-- Instructions to follow --
Nothing outside the range below should be printed. Output exactly the lines from the line with "#19732=VERTEX_POINT('',#27485);" to the line with "#19743=CIRCLE('',#27511,5.);", both included.
▼
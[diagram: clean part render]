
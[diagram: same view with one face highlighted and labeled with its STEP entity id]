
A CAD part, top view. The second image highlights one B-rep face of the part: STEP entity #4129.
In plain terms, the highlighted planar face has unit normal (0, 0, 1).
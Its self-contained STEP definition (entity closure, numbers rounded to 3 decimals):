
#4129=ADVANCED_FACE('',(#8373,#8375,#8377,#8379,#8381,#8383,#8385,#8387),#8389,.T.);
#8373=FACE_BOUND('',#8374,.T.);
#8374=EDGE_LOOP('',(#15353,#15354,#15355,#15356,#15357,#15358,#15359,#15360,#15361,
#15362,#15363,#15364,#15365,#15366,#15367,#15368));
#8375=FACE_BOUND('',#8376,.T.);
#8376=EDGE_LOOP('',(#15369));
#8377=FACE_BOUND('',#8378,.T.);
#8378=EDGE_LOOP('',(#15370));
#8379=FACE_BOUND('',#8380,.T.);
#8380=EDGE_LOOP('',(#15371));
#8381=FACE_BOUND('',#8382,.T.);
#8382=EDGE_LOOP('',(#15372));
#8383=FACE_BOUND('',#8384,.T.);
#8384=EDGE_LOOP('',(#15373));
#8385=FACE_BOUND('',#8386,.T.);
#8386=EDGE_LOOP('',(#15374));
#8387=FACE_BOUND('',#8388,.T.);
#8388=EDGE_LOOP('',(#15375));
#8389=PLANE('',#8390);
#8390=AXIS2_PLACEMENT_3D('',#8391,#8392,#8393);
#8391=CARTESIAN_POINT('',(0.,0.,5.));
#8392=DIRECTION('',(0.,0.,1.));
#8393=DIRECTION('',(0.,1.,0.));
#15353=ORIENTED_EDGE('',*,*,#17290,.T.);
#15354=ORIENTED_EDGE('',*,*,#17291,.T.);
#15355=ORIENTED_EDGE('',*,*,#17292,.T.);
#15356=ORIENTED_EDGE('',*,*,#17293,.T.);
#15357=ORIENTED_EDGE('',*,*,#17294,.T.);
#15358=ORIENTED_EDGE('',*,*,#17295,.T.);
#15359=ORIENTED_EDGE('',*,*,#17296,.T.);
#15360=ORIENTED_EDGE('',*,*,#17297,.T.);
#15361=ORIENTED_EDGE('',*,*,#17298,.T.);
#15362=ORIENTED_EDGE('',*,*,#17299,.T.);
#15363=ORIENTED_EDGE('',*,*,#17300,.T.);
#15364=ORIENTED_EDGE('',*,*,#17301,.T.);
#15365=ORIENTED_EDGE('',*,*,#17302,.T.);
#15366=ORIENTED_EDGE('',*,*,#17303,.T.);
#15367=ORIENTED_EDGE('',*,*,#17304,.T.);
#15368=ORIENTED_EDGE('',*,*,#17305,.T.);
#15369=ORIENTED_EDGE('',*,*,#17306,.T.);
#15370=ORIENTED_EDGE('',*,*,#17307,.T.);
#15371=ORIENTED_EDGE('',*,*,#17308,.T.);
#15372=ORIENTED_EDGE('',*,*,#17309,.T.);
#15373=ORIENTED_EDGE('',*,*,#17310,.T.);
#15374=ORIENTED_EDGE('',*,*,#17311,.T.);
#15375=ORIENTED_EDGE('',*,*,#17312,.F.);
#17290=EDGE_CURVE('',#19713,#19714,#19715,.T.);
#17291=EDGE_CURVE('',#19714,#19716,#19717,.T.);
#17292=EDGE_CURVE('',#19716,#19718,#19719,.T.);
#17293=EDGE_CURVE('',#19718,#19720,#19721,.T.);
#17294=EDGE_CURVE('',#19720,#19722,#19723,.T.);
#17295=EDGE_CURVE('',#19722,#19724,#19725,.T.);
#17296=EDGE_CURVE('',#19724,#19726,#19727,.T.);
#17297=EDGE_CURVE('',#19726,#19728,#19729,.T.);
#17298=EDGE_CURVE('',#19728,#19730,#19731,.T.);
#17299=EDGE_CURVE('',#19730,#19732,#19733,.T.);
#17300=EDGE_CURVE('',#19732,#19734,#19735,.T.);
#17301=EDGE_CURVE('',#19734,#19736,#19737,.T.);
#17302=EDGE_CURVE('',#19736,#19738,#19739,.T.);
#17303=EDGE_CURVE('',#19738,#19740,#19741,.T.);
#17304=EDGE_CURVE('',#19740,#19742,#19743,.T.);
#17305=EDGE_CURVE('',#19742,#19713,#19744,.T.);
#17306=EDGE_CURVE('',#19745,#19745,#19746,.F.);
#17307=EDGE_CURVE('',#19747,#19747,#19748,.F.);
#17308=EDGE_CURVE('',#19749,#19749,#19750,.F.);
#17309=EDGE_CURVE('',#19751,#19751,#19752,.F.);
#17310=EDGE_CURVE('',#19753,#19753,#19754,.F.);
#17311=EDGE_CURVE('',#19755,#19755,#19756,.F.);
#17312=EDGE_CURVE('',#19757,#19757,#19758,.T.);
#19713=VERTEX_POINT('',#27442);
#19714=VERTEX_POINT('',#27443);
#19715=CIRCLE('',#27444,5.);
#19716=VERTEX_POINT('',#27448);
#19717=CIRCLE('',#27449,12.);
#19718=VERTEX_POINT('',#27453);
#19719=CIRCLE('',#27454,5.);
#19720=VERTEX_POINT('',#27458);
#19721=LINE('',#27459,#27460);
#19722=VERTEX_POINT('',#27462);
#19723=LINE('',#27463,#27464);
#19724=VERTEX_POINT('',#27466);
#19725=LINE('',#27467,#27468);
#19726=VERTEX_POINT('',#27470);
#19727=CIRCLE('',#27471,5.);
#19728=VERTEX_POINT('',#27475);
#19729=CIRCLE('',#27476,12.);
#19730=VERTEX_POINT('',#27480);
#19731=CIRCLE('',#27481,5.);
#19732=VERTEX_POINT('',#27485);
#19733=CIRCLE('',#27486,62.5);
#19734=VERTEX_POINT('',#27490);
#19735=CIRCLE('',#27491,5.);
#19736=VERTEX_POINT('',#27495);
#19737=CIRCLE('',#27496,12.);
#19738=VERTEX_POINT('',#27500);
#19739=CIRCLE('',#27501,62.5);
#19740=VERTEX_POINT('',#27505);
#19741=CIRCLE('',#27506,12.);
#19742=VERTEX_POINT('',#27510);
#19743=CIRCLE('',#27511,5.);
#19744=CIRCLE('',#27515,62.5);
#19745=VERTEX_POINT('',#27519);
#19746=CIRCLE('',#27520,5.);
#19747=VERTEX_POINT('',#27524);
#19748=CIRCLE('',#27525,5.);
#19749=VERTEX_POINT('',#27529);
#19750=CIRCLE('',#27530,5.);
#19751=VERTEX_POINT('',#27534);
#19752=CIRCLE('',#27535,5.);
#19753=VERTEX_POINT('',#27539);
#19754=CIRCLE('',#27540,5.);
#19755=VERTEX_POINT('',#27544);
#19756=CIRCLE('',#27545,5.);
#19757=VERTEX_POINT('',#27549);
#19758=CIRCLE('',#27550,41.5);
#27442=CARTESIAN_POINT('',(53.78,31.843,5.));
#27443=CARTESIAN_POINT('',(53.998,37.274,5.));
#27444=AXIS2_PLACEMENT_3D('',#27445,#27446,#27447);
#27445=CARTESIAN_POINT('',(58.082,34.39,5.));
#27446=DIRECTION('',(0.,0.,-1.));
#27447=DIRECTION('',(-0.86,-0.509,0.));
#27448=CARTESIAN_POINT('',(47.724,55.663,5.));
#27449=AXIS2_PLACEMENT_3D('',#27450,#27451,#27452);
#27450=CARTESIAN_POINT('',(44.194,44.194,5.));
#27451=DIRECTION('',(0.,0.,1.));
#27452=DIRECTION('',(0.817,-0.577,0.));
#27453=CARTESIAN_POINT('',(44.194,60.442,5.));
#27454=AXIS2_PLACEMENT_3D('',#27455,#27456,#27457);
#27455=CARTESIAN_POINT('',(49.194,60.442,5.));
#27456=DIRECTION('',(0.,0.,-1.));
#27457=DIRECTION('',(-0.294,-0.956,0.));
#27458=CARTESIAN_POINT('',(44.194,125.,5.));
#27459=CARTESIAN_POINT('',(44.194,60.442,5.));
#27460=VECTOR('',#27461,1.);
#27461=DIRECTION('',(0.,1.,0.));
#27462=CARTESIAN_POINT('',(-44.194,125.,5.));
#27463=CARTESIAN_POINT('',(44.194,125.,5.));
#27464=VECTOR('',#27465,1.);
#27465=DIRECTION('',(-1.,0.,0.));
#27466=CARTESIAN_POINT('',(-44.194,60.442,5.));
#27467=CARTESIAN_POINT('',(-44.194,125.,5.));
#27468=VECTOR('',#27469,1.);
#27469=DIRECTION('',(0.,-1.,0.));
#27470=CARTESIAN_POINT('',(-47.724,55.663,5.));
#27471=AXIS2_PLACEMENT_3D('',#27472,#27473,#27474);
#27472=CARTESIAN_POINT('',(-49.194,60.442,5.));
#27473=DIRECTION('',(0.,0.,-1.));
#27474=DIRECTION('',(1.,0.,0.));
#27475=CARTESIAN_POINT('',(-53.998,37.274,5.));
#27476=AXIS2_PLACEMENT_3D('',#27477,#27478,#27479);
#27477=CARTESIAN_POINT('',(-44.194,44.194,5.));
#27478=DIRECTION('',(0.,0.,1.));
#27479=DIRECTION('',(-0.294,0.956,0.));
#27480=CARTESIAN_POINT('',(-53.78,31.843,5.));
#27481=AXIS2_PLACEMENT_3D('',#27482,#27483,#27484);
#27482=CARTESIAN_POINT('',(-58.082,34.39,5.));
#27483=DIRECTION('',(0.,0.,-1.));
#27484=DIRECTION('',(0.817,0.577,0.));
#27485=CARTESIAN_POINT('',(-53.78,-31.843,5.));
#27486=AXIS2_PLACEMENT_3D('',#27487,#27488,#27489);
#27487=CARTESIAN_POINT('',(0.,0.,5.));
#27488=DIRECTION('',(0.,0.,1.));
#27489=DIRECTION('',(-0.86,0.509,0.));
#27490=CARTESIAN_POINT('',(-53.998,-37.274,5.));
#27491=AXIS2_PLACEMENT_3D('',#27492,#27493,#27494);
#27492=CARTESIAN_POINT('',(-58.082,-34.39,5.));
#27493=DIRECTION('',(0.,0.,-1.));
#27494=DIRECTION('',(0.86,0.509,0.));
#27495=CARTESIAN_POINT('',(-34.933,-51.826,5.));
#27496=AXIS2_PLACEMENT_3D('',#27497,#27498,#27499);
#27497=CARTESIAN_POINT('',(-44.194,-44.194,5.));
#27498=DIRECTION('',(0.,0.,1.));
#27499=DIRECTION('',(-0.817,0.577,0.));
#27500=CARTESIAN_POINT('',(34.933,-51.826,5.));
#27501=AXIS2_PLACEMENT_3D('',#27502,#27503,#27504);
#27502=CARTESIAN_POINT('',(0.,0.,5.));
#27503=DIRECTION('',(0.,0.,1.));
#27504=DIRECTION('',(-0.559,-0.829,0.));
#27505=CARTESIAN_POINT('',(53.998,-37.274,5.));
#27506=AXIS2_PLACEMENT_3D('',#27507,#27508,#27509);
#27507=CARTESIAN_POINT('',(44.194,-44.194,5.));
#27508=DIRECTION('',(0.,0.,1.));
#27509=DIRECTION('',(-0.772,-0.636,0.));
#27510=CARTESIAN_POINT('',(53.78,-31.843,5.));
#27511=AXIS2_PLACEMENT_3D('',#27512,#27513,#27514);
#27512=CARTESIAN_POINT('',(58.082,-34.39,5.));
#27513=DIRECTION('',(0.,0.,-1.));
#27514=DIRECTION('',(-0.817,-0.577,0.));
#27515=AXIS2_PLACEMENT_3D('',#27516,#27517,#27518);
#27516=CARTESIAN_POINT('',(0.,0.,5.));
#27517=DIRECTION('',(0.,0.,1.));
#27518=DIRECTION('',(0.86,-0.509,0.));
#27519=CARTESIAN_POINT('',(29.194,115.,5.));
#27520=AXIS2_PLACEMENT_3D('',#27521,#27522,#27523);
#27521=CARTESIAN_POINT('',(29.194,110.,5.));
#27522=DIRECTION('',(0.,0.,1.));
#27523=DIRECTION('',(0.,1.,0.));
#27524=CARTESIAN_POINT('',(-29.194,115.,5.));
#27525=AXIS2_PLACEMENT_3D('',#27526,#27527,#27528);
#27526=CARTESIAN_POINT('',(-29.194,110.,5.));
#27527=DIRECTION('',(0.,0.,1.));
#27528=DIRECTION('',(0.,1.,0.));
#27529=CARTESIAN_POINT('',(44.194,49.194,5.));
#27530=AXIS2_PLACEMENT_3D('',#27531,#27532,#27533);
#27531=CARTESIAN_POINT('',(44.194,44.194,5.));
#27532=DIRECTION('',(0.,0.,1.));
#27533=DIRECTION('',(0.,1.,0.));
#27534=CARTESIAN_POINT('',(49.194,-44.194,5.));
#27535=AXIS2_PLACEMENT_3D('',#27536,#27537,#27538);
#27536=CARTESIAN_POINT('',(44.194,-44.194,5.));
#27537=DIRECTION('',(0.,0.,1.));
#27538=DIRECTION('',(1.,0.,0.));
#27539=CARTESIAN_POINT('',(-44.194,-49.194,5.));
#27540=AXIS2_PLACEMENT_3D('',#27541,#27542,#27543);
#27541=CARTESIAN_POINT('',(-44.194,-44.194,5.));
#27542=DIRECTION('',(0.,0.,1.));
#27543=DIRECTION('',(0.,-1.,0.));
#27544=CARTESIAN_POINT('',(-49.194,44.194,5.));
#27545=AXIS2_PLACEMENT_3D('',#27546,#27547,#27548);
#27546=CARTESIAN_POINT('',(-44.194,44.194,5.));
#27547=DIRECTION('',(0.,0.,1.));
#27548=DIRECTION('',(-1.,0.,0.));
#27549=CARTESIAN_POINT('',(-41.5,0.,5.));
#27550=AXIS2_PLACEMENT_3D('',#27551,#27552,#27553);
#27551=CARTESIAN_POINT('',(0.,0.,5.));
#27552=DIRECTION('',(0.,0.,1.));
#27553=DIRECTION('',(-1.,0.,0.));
▲
-- Solution to this exercise --
#19732=VERTEX_POINT('',#27485);
#19733=CIRCLE('',#27486,62.5);
#19734=VERTEX_POINT('',#27490);
#19735=CIRCLE('',#27491,5.);
#19736=VERTEX_POINT('',#27495);
#19737=CIRCLE('',#27496,12.);
#19738=VERTEX_POINT('',#27500);
#19739=CIRCLE('',#27501,62.5);
#19740=VERTEX_POINT('',#27505);
#19741=CIRCLE('',#27506,12.);
#19742=VERTEX_POINT('',#27510);
#19743=CIRCLE('',#27511,5.);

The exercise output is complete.